--- The input Enclosed Below ---

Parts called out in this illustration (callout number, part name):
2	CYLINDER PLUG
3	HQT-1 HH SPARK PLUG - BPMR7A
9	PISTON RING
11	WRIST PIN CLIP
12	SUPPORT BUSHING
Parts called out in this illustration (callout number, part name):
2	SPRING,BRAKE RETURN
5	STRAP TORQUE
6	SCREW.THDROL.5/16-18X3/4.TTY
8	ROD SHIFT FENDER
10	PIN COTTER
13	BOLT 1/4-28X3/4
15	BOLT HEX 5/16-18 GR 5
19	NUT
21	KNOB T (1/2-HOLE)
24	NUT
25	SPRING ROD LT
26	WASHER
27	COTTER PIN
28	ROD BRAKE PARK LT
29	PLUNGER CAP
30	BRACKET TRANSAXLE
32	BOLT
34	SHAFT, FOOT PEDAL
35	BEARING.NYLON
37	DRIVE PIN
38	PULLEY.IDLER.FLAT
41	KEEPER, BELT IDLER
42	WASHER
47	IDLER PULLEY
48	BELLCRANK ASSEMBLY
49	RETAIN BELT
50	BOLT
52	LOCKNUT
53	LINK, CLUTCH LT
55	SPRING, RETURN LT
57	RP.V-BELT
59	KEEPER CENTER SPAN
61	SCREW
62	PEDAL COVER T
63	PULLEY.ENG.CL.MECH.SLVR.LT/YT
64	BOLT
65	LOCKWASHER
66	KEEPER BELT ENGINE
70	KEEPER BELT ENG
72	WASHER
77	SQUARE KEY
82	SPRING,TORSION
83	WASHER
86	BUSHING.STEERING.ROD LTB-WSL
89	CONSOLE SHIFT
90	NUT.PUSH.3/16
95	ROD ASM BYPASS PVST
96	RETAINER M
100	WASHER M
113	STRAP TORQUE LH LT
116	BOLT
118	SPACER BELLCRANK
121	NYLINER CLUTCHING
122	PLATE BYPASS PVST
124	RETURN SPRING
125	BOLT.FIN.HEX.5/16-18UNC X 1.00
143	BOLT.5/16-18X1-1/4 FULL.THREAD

--- End of Enclosed The input ---

▸ **Task instructions**
In the records above, which lines hold the string "SPRING"? Copy each one.

▸ **Output of the exercise**
2	SPRING,BRAKE RETURN
25	SPRING ROD LT
55	SPRING, RETURN LT
82	SPRING,TORSION
124	RETURN SPRING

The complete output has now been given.